Segment Start: AVAILABLE RECORDS

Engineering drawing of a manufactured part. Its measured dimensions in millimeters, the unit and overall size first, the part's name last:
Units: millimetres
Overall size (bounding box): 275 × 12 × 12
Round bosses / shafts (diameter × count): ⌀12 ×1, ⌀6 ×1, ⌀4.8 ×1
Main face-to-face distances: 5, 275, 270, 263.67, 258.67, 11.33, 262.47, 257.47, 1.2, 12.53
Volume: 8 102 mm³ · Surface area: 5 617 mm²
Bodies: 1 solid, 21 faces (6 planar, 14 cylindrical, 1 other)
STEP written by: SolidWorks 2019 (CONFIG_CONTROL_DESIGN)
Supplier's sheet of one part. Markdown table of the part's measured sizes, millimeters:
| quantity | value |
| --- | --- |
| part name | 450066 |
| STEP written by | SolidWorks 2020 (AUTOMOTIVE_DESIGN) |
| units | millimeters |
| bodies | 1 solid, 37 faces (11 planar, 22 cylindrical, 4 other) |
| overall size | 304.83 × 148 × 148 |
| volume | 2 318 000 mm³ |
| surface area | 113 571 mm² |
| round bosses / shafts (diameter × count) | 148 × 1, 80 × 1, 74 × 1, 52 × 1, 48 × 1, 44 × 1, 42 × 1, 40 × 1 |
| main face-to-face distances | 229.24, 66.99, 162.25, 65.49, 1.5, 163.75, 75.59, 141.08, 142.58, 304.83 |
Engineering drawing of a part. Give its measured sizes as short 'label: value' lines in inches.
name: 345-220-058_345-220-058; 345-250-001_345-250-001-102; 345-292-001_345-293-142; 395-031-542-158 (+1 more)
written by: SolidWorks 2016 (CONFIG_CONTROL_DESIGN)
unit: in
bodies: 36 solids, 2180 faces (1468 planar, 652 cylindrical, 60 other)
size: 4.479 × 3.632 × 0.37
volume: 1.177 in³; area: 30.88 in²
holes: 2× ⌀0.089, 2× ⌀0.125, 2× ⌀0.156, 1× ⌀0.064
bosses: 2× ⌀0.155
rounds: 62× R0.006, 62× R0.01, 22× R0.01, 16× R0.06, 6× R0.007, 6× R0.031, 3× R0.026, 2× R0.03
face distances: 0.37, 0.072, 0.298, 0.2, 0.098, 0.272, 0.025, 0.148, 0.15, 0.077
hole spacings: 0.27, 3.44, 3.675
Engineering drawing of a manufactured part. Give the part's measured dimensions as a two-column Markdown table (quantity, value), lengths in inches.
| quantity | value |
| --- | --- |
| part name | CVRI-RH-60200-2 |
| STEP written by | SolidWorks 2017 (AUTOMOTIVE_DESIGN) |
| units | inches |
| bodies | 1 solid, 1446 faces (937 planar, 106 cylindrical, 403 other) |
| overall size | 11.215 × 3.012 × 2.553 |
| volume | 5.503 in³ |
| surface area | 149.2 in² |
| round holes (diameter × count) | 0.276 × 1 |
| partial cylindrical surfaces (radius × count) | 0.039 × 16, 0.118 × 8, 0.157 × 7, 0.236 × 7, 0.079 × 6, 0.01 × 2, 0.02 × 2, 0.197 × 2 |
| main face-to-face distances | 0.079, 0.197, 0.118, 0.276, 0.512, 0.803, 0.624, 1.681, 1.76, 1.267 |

Segment End: AVAILABLE RECORDS

BRIEF:
Each line above should be reproduced exactly, with nothing omitted.

RESULT FOR THIS EXERCISE:
Engineering drawing of a manufactured part. Its measured dimensions in millimeters, the unit and overall size first, the part's name last:
Units: millimetres
Overall size (bounding box): 275 × 12 × 12
Round bosses / shafts (diameter × count): ⌀12 ×1, ⌀6 ×1, ⌀4.8 ×1
Main face-to-face distances: 5, 275, 270, 263.67, 258.67, 11.33, 262.47, 257.47, 1.2, 12.53
Volume: 8 102 mm³ · Surface area: 5 617 mm²
Bodies: 1 solid, 21 faces (6 planar, 14 cylindrical, 1 other)
STEP written by: SolidWorks 2019 (CONFIG_CONTROL_DESIGN)
Supplier's sheet of one part. Markdown table of the part's measured sizes, millimeters:
| quantity | value |
| --- | --- |
| part name | 450066 |
| STEP written by | SolidWorks 2020 (AUTOMOTIVE_DESIGN) |
| units | millimeters |
| bodies | 1 solid, 37 faces (11 planar, 22 cylindrical, 4 other) |
| overall size | 304.83 × 148 × 148 |
| volume | 2 318 000 mm³ |
| surface area | 113 571 mm² |
| round bosses / shafts (diameter × count) | 148 × 1, 80 × 1, 74 × 1, 52 × 1, 48 × 1, 44 × 1, 42 × 1, 40 × 1 |
| main face-to-face distances | 229.24, 66.99, 162.25, 65.49, 1.5, 163.75, 75.59, 141.08, 142.58, 304.83 |
Engineering drawing of a part. Give its measured sizes as short 'label: value' lines in inches.
name: 345-220-058_345-220-058; 345-250-001_345-250-001-102; 345-292-001_345-293-142; 395-031-542-158 (+1 more)
written by: SolidWorks 2016 (CONFIG_CONTROL_DESIGN)
unit: in
bodies: 36 solids, 2180 faces (1468 planar, 652 cylindrical, 60 other)
size: 4.479 × 3.632 × 0.37
volume: 1.177 in³; area: 30.88 in²
holes: 2× ⌀0.089, 2× ⌀0.125, 2× ⌀0.156, 1× ⌀0.064
bosses: 2× ⌀0.155
rounds: 62× R0.006, 62× R0.01, 22× R0.01, 16× R0.06, 6× R0.007, 6× R0.031, 3× R0.026, 2× R0.03
face distances: 0.37, 0.072, 0.298, 0.2, 0.098, 0.272, 0.025, 0.148, 0.15, 0.077
hole spacings: 0.27, 3.44, 3.675
Engineering drawing of a manufactured part. Give the part's measured dimensions as a two-column Markdown table (quantity, value), lengths in inches.
| quantity | value |
| --- | --- |
| part name | CVRI-RH-60200-2 |
| STEP written by | SolidWorks 2017 (AUTOMOTIVE_DESIGN) |
| units | inches |
| bodies | 1 solid, 1446 faces (937 planar, 106 cylindrical, 403 other) |
| overall size | 11.215 × 3.012 × 2.553 |
| volume | 5.503 in³ |
| surface area | 149.2 in² |
| round holes (diameter × count) | 0.276 × 1 |
| partial cylindrical surfaces (radius × count) | 0.039 × 16, 0.118 × 8, 0.157 × 7, 0.236 × 7, 0.079 × 6, 0.01 × 2, 0.02 × 2, 0.197 × 2 |
| main face-to-face distances | 0.079, 0.197, 0.118, 0.276, 0.512, 0.803, 0.624, 1.681, 1.76, 1.267 |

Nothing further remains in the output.